Let's see if TF-IDF improves the accuracy.

- Initialize a TF-IDF Vectorizer and repeat the analysis above.
- Does the score improve with respect to the count vectorizer? 
- Print out the number of features for this model.

**BONUS:**
- Change the parameters of either (or both!) models to improve your score.

In [None]:
from sklearn.feature_extraction.text import TfidfVectorizer
tvec = TfidfVectorizer(stop_words='english', norm='l2')
tvec.fit(data_train.data)


In [None]:
df = pd.DataFrame(tvec.transform(data_train.data).todense(),
                  columns=tvec.get_feature_names(),
                  )
df.transpose().sort_values(0, ascending=False).transpose()

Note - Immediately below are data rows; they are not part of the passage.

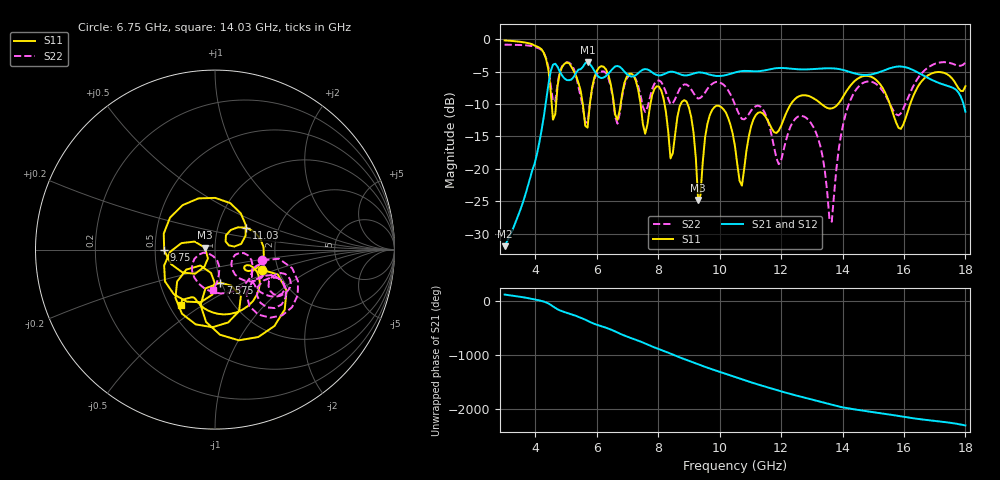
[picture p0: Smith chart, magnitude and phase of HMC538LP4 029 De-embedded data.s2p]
! Chelmsford, MA 01824
! http://www.hittite.com
! Tel: 978-250-3343
! Fax: 978-250-3373
! Device  :  HMC538LP4
! Description:  600 Analog Phase Shifter
! Frequency  :  6.0 GHz - 15.0 GHz
! Package  :  LP4  - 4x4 mm Quad Flatpack No-Lead (QFN) Plastic Package: 24 pin
! Ports  :  2 RF, 1 DC
!  Pin  3  = Rfin  = Port 1
!  Pin  16  = Rfout = Port 2
!  pin  21  = vCTL
! Voltages:  VCTL  = 0 to 5.0 Volts
! Currents :  Vb(V)  Vd(V)  Ib(mA)  Id(mA)
!  0.00  2.90  0.000000	0.465805
! Data:  The device was measured on evaluation board 111296-1.
!  Data was collected using a calibrated network analyzer.
!  The evaluation circuit board was modeled and simulated.This was use
!  to removed the evaluation board circuit from the measured data.
!  The reference plane is the center of the package pin.
! Misc:  Lot #
!Date Measured:  03 - 11 -2009
! Date:  03 - 17 -2009
! Note:
!  Hittite Microwave supplies this data as a sample of measured data at the
!  package pin for this package product.  Your particular data for this product
!  may vary.
!  Data was taken at 25 degrees C.
!  Hittite Microwave reserves the right to change this data at anytime.
# MHz S MA R 50
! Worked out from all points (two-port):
!   201 points, 3 GHz to 18 GHz, reference 50 ohm
!   highest |S21| = -3.55 dB at 5.7 GHz (marker M1); lowest = -31.9 dB at 3 GHz (marker M2)
!   |S21| within 3 dB of the highest: 4.442 GHz to 17.03 GHz (12.59 GHz wide, 117 % of centre)
!   lowest |S11| = -24.8 dB at 9.3 GHz (marker M3), VSWR 1.12, Z = 44.6 + j0.947 ohm
!   |S11| at or under -10 dB: 8.206 GHz to 8.736 GHz (530.1 MHz wide, 6.26 % of centre); 8.955 GHz to 12.32 GHz (3.366 GHz wide, 31.6 % of centre); 15.54 GHz to 16.2 GHz (664.1 MHz wide, 4.18 % of centre)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
!   |S22| runs from -28.1 to -0.9 dB; largest |S21 - S12| = 0.0025
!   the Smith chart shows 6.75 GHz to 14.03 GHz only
!   S11 on the Smith chart (normalised r, x): 6.75 GHz: 1.65, -0.40; 7.575 GHz: 0.99, -0.38; 9.75 GHz: 0.56, -0.01; 11.03 GHz: 1.37, +0.35; 14.03 GHz: 0.58, -0.41
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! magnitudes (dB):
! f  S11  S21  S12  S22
! 3 GHz  -0.2  -31.9  -31.9  -0.9
! 4.275 GHz  -2.1  -12.0  -12.0  -2.1
! 4.575 GHz  -12.4  -3.9  -3.9  -9.6
! 5.025 GHz  -3.6  -6.3  -6.3  -3.6
! 5.55 GHz  -10.2  -4.3  -4.3  -10.7
! 5.7 GHz  -13.6  -3.5  -3.6  -12.9
! 6.15 GHz  -4.2  -6.0  -6.0  -5.0
! 6.75 GHz  -10.9  -4.3  -4.3  -11.4
! 7.575 GHz  -14.6  -4.6  -4.6  -11.2
! 8.025 GHz  -7.3  -5.6  -5.6  -6.4
! 8.4 GHz  -18.4  -5.0  -5.0  -10.0
! 9 GHz  -10.5  -5.5  -5.5  -7.3
! 9.3 GHz  -24.8  -5.1  -5.1  -9.2
! 9.75 GHz  -11.0  -5.6  -5.6  -6.9
! 10.5 GHz  -16.5  -5.1  -5.2  -10.1
! 10.72 GHz  -22.6  -4.9  -4.9  -12.3
! 11.03 GHz  -13.4  -4.9  -4.9  -11.0
! 13.05 GHz  -9.1  -4.6  -4.6  -13.5
! 13.65 GHz  -10.7  -4.5  -4.5  -28.1
! 14.03 GHz  -8.8  -4.8  -4.8  -13.1
! 15.53 GHz  -9.8  -4.5  -4.5  -9.8
! 18 GHz  -7.3  -11.2  -11.2  -3.6

### 5. Classifier comparison

Of all the vectorizers tested above, choose one that has a reasonable performance with a manageable number of features and compare the performance of these models:

- KNN
- Logistic Regression
- Decision Trees
- Support Vector Machine
- Random Forest
- Extra Trees

In order to speed up the calculation it's better to vectorize the data only once and then compare the models.

### Bonus: Other classifiers

Adapt the code from [this example](https://scikit-learn.org/stable/auto_examples/text/plot_document_classification_20newsgroups.html#sphx-glr-auto-examples-text-plot-document-classification-20newsgroups-py) to compare across all the classifiers suggested and to display the final plot

### Bonus: 

- #### Fit a model to the 20newsgroups dataset with all classes

- #### Choose texts, for example from newspaper articles, and check what is the class label predicted for them. Does the predicted label meet your expectations?